Indeed, even as you pay off a piece of technical debt by rebuilding the system somehow, you will incur yet more. Hopefully you’re in a better overall position than you were, but if you allow yourself to imagine that you could fix something and then it would be just right, then you need to read more Buddhism.
I hope you weren’t hoping for a blanket answer to the question of exactly when to pay off technical debt. If you were, the answer is Tuesday.
Almost all interesting decisions are about risks and trade-offs. To make them well, we need to understand the risks and trade-offs well, and have a good process for weighing them. This is an attempt at a framework for making our intuitions about technical debt more rigorous.
Paying off technical debt is often the right move, but maybe a little less often and less drastically than I used to think. These are the rules I usually apply as a basic default:
- If the interest payments are crippling (or could likely become so), it’s probably a good idea to pay it off soon.
- The interest may be unevenly distributed - look for a way to do the 20% of the work that will reduce the interest payments by 80%.
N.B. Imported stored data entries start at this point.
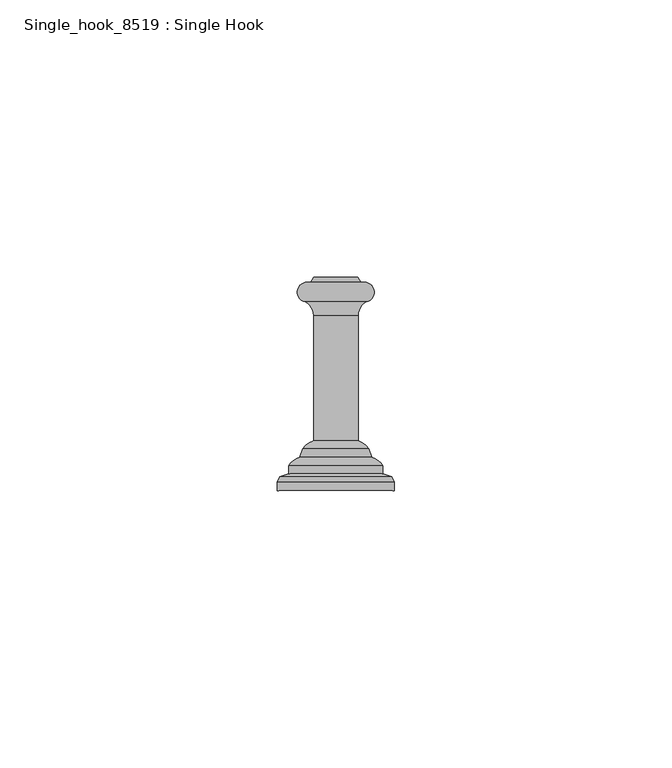
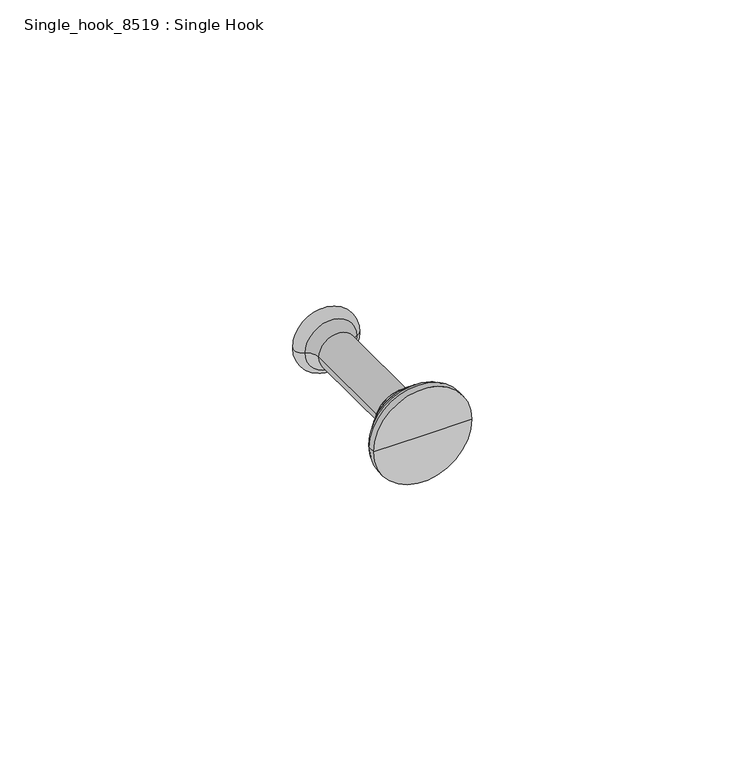
"""IFC4 building model written with IfcOpenShell, lengths in millimetres: proxy geometry, Single_hook_8519 : Single Hook."""

from ifc_helpers import new_model, si_unit, point, frame, origin, place, context, project, spatial, polyline, circle_curve, ellipse_curve, trimmed, source, transform, mapped, element, save
from ifc_brep_helpers import plane_surface, cylinder_surface, revolved_surface, advanced_brep


def single_hook_8519_single_hook_65f89b15(model_context):
    return source(origin(), model_context, "Body", "AdvancedBrep", [
        advanced_brep(
        [(120.4999999, 108.9374993, 0.0), (129.5000001, 108.9374993, 0.0), (130.5000004, 108.9374993, 0.0), (119.4999996, 108.9374993, 0.0), (121.0086329, 109.8184776, 0.0), (128.9913671, 109.8184776, 0.0), (125.0, 109.8184776, 0.0), (114.5000005, 71.4375, 0.0), (135.4999995, 71.4375, 0.0), (125.0, 71.4375, 0.0), (114.5000005, 72.9561938, 0.0), (135.4999995, 72.9561938, 0.0), (114.8940547, 73.8845273, 0.0), (135.1059453, 73.8845273, 0.0), (116.4999999, 74.4374986, 0.0), (133.5000001, 74.4374986, 0.0), (116.4999999, 75.9034491, 0.0), (133.5000001, 75.9034491, 0.0), (118.489313, 77.4576708, 0.0), (131.510687, 77.4576708, 0.0), (119.0341392, 78.9545686, 0.0), (130.9658608, 78.9545686, 0.0), (120.9909169, 80.4291064, 0.0), (129.0090831, 80.4291064, 0.0), (120.9909169, 102.9266117, 0.0), (129.0090831, 102.9266117, 0.0), (119.4999996, 105.4374993, 0.0), (130.5000004, 105.4374993, 0.0)],
        [
            (0, 1, circle_curve(frame((125.0, 108.9374993, 0.0), z_axis=(0.0, -1.0, 0.0), x_axis=(1.0, 0.0, 0.0)), 4.5000001)),
            (1, 2),
            (2, 3, circle_curve(frame((125.0, 108.9374993, 0.0), z_axis=(0.0, 1.0, 0.0), x_axis=(1.0, 0.0, 0.0)), 5.5000004)),
            (3, 0),
            (1, 0, circle_curve(frame((125.0, 108.9374993, 0.0), z_axis=(0.0, -1.0, 0.0), x_axis=(1.0, 0.0, 0.0)), 4.5000001)),
            (3, 2, circle_curve(frame((125.0, 108.9374993, 0.0), z_axis=(0.0, 1.0, 0.0), x_axis=(1.0, 0.0, 0.0)), 5.5000004)),
            (4, 5, circle_curve(frame((125.0, 109.8184776, 0.0), z_axis=(0.0, -1.0, 0.0), x_axis=(1.0, 0.0, 0.0)), 3.9913671)),
            (5, 1),
            (0, 4),
            (5, 4, circle_curve(frame((125.0, 109.8184776, 0.0), z_axis=(0.0, -1.0, 0.0), x_axis=(1.0, 0.0, 0.0)), 3.9913671)),
            (6, 5),
            (4, 6),
            (7, 8, circle_curve(frame((125.0, 71.4375, 0.0), z_axis=(0.0, -1.0, 0.0), x_axis=(1.0, 0.0, 0.0)), 10.4999995)),
            (8, 9),
            (9, 7),
            (8, 7, circle_curve(frame((125.0, 71.4375, 0.0), z_axis=(0.0, -1.0, 0.0), x_axis=(1.0, 0.0, 0.0)), 10.4999995)),
            (10, 11, circle_curve(frame((125.0, 72.9561938, 0.0), z_axis=(0.0, -1.0, 0.0), x_axis=(1.0, 0.0, 0.0)), 10.4999995)),
            (11, 8),
            (7, 10),
            (11, 10, circle_curve(frame((125.0, 72.9561938, 0.0), z_axis=(0.0, -1.0, 0.0), x_axis=(1.0, 0.0, 0.0)), 10.4999995)),
            (12, 13, circle_curve(frame((125.0, 73.8845273, 0.0), z_axis=(0.0, -1.0, 0.0), x_axis=(1.0, 0.0, 0.0)), 10.1059453)),
            (13, 11),
            (10, 12),
            (13, 12, circle_curve(frame((125.0, 73.8845273, 0.0), z_axis=(0.0, -1.0, 0.0), x_axis=(1.0, 0.0, 0.0)), 10.1059453)),
            (14, 15, circle_curve(frame((125.0, 74.4374986, 0.0), z_axis=(0.0, -1.0, 0.0), x_axis=(1.0, 0.0, 0.0)), 8.5000001)),
            (15, 13),
            (12, 14),
            (15, 14, circle_curve(frame((125.0, 74.4374986, 0.0), z_axis=(0.0, -1.0, 0.0), x_axis=(1.0, 0.0, 0.0)), 8.5000001)),
            (16, 17, circle_curve(frame((125.0, 75.9034491, 0.0), z_axis=(0.0, -1.0, 0.0), x_axis=(1.0, 0.0, 0.0)), 8.5000001)),
            (17, 15),
            (14, 16),
            (17, 16, circle_curve(frame((125.0, 75.9034491, 0.0), z_axis=(0.0, -1.0, 0.0), x_axis=(1.0, 0.0, 0.0)), 8.5000001)),
            (18, 19, circle_curve(frame((125.0, 77.4576708, 0.0), z_axis=(0.0, -1.0, 0.0), x_axis=(1.0, 0.0, 0.0)), 6.510687)),
            (19, 17, circle_curve(frame((130.1450927, 73.6595765, 0.0), z_axis=(0.0, 0.0, -1.0), x_axis=(1.0, 0.0, 0.0)), 4.0361328)),
            (16, 18, circle_curve(frame((119.8549073, 73.6595765, 0.0), z_axis=(0.0, 0.0, -1.0), x_axis=(-1.0, 0.0, 0.0)), 4.0361328)),
            (19, 18, circle_curve(frame((125.0, 77.4576708, 0.0), z_axis=(0.0, -1.0, 0.0), x_axis=(1.0, 0.0, 0.0)), 6.510687)),
            (20, 21, circle_curve(frame((125.0, 78.9545686, 0.0), z_axis=(0.0, -1.0, 0.0), x_axis=(1.0, 0.0, 0.0)), 5.9658608)),
            (21, 19),
            (18, 20),
            (21, 20, circle_curve(frame((125.0, 78.9545686, 0.0), z_axis=(0.0, -1.0, 0.0), x_axis=(1.0, 0.0, 0.0)), 5.9658608)),
            (22, 23, circle_curve(frame((125.0, 80.4291064, 0.0), z_axis=(0.0, -1.0, 0.0), x_axis=(1.0, 0.0, 0.0)), 4.0090831)),
            (23, 21, circle_curve(frame((127.5885586, 76.5083721, 0.0), z_axis=(0.0, 0.0, -1.0), x_axis=(1.0, 0.0, 0.0)), 4.1701376)),
            (20, 22, circle_curve(frame((122.4114414, 76.5083721, 0.0), z_axis=(0.0, 0.0, -1.0), x_axis=(-1.0, 0.0, 0.0)), 4.1701376)),
            (23, 22, circle_curve(frame((125.0, 80.4291064, 0.0), z_axis=(0.0, -1.0, 0.0), x_axis=(1.0, 0.0, 0.0)), 4.0090831)),
            (24, 25, circle_curve(frame((125.0, 102.9266117, 0.0), z_axis=(0.0, -1.0, 0.0), x_axis=(1.0, 0.0, 0.0)), 4.0090831)),
            (25, 23),
            (22, 24),
            (25, 24, circle_curve(frame((125.0, 102.9266117, 0.0), z_axis=(0.0, -1.0, 0.0), x_axis=(1.0, 0.0, 0.0)), 4.0090831)),
            (26, 27, circle_curve(frame((125.0, 105.4374993, 0.0), z_axis=(0.0, -1.0, 0.0), x_axis=(1.0, 0.0, 0.0)), 5.5000004)),
            (27, 25, circle_curve(frame((131.8688631, 102.9266117, 0.0), z_axis=(0.0, 0.0, 1.0), x_axis=(1.0, 0.0, 0.0)), 2.85978)),
            (24, 26, circle_curve(frame((118.1311369, 102.9266117, 0.0), z_axis=(0.0, 0.0, 1.0), x_axis=(-1.0, 0.0, 0.0)), 2.85978)),
            (27, 26, circle_curve(frame((125.0, 105.4374993, 0.0), z_axis=(0.0, -1.0, 0.0), x_axis=(1.0, 0.0, 0.0)), 5.5000004)),
            (2, 27, circle_curve(frame((130.125001, 107.1874993, 0.0), z_axis=(0.0, 0.0, -1.0), x_axis=(1.0, 0.0, 0.0)), 1.7897275)),
            (26, 3, circle_curve(frame((119.874999, 107.1874993, 0.0), z_axis=(0.0, 0.0, -1.0), x_axis=(-1.0, 0.0, 0.0)), 1.7897275)),
        ],
        [
            plane_surface(frame((125.0, 108.9374993, 0.0), z_axis=(0.0, 1.0, 0.0), x_axis=(1.0, 0.0, 0.0))),
            revolved_surface(polyline([(129.5000001, 108.9374993, 0.0), (128.9913671, 109.8184776, 0.0)]), (125.0, 127.3855881, 0.0), (0.0, 1.0, 0.0)),
            plane_surface(frame((125.0, 109.8184776, 0.0), z_axis=(0.0, 1.0, 0.0), x_axis=(1.0, 0.0, 0.0))),
            plane_surface(frame((125.0, 71.4375, 0.0), z_axis=(0.0, -1.0, 0.0), x_axis=(1.0, 0.0, 0.0))),
            cylinder_surface(frame((125.0, 127.3855881, 0.0), z_axis=(0.0, 1.0, 0.0), x_axis=(1.0, 0.0, 0.0)), 10.4999995),
            revolved_surface(polyline([(135.4999995, 72.9561938, 0.0), (135.1059453, 73.8845273, 0.0)]), (125.0, 127.3855881, 0.0), (0.0, 1.0, 0.0)),
            revolved_surface(polyline([(135.1059453, 73.8845273, 0.0), (133.5000001, 74.4374986, 0.0)]), (125.0, 127.3855881, 0.0), (0.0, 1.0, 0.0)),
            cylinder_surface(frame((125.0, 127.3855881, 0.0), z_axis=(0.0, 1.0, 0.0), x_axis=(1.0, 0.0, 0.0)), 8.5000001),
            revolved_surface(trimmed(ellipse_curve(frame((130.1450927, 73.6595765, 0.0), z_axis=(0.0, 0.0, 1.0), x_axis=(1.0, 0.0, 0.0)), 4.0361328, 4.0361328), [point((133.5000001, 75.9034491, 0.0))], [point((131.510687, 77.4576708, 0.0))], True, "CARTESIAN"), (125.0, 127.3855881, 0.0), (0.0, 1.0, 0.0)),
            revolved_surface(polyline([(131.510687, 77.4576708, 0.0), (130.9658608, 78.9545686, 0.0)]), (125.0, 127.3855881, 0.0), (0.0, 1.0, 0.0)),
            revolved_surface(trimmed(ellipse_curve(frame((127.5885586, 76.5083721, 0.0), z_axis=(0.0, 0.0, 1.0), x_axis=(1.0, 0.0, 0.0)), 4.1701376, 4.1701376), [point((130.9658608, 78.9545686, 0.0))], [point((129.0090831, 80.4291064, 0.0))], True, "CARTESIAN"), (125.0, 127.3855881, 0.0), (0.0, 1.0, 0.0)),
            cylinder_surface(frame((125.0, 127.3855881, 0.0), z_axis=(0.0, 1.0, 0.0), x_axis=(1.0, 0.0, 0.0)), 4.0090831),
            revolved_surface(trimmed(ellipse_curve(frame((131.8688631, 102.9266117, 0.0), z_axis=(0.0, 0.0, -1.0), x_axis=(1.0, 0.0, 0.0)), 2.85978, 2.85978), [point((129.0090831, 102.9266117, 0.0))], [point((130.5000004, 105.4374993, 0.0))], True, "CARTESIAN"), (125.0, 127.3855881, 0.0), (0.0, 1.0, 0.0)),
            revolved_surface(trimmed(ellipse_curve(frame((130.125001, 107.1874993, 0.0), z_axis=(0.0, 0.0, 1.0), x_axis=(1.0, 0.0, 0.0)), 1.7897275, 1.7897275), [point((130.5000004, 105.4374993, 0.0))], [point((130.5000004, 108.9374993, 0.0))], True, "CARTESIAN"), (125.0, 127.3855881, 0.0), (0.0, 1.0, 0.0)),
        ],
        [
            (0, [[1, 2, 3, 4]]),
            (0, [[5, -4, 6, -2]]),
            (1, [[7, 8, -1, 9]]),
            (1, [[10, -9, -5, -8]]),
            (2, [[11, -7, 12]]),
            (2, [[-12, -10, -11]]),
            (3, [[13, 14, 15]]),
            (3, [[16, -15, -14]]),
            (4, [[17, 18, -13, 19]]),
            (4, [[20, -19, -16, -18]]),
            (5, [[21, 22, -17, 23]]),
            (5, [[24, -23, -20, -22]]),
            (6, [[25, 26, -21, 27]]),
            (6, [[28, -27, -24, -26]]),
            (7, [[29, 30, -25, 31]]),
            (7, [[32, -31, -28, -30]]),
            (8, [[33, 34, -29, 35]]),
            (8, [[36, -35, -32, -34]]),
            (9, [[37, 38, -33, 39]]),
            (9, [[40, -39, -36, -38]]),
            (10, [[41, 42, -37, 43]]),
            (10, [[44, -43, -40, -42]]),
            (11, [[45, 46, -41, 47]]),
            (11, [[48, -47, -44, -46]]),
            (12, [[49, 50, -45, 51]]),
            (12, [[52, -51, -48, -50]]),
            (13, [[-3, 53, -49, 54]]),
            (13, [[-6, -54, -52, -53]]),
        ],
    ),
    ])


if __name__ == "__main__":
    model = new_model("IFC4")
    model_context = context("Model", 3, world=origin())
    ifc_project = project(units=[si_unit("LENGTHUNIT", "METRE", prefix="MILLI")], contexts=[model_context])
    site = spatial("IfcSite", under=ifc_project)
    building = spatial("IfcBuilding", under=site)
    placement = place(None, origin())
    single_hook_8519_single_hook_shape = single_hook_8519_single_hook_65f89b15(model_context)
    element("IfcBuildingElementProxy", 1, Name="Single_hook_8519 : Single Hook", ObjectType="Single_hook_8519 : Single Hook", at=placement, inside=building, context=model_context, shape_type="MappedRepresentation", body=[
        mapped(single_hook_8519_single_hook_shape, transform((0.0, 0.0, 0.0), x_axis=(1.0, 0.0, 0.0), y_axis=(0.0, 1.0, 0.0), z_axis=(0.0, 0.0, 1.0))),
    ])
    save(model, "model.ifc")

# Revit data of these elements
# Type "Single_hook_8519 : Single Hook"
#   URL = "http://www.hansgrohe.co.uk/uk_en/110585_32313931335F32355F3632303236.htm"
#   Model = "Montreux 42137830"
#   Manufacturer = "Axor"
#   Keynote = "10800.A9"
#   Description = "Polished Nickel"
#   Wall Center Offset [instance default] = 0' - 2.95276"
#   Assembly Code = ""
# Element 1 (IfcBuildingElementProxy, "Single_hook_8519 : Single Hook")
#   Wall Center Offset = 0' - 0"
#   Materials on its faces: "Chrome"
# Materials
#   "Chrome": class "Metal", colour RGB 152 152 152, transparency 0

- Wait until you have a good reason to change the relevant parts of the system anyway, i.e. a reason that adds value. Then since you have to change things anyway, fix the technical debt at the same time. That makes it easier to find space on the roadmap, minimises switch costs, and minimises the technical debt that gets incurred every time we touch anything.
 That’s a simplistic definition, but it makes for a useful analogy.
 This analogy with financial debt implies that an explicit decision or a deliberate shortcut was taken. The more important aspect of the analogy is the idea that you have to pay interest, i.e. there's a cost going forwards. As we'll see later, sometimes accruing technical debt is the right business move, and sometimes it's simply an inevitable cruft that accumulates as you learn more about the problem, or as the problem changes.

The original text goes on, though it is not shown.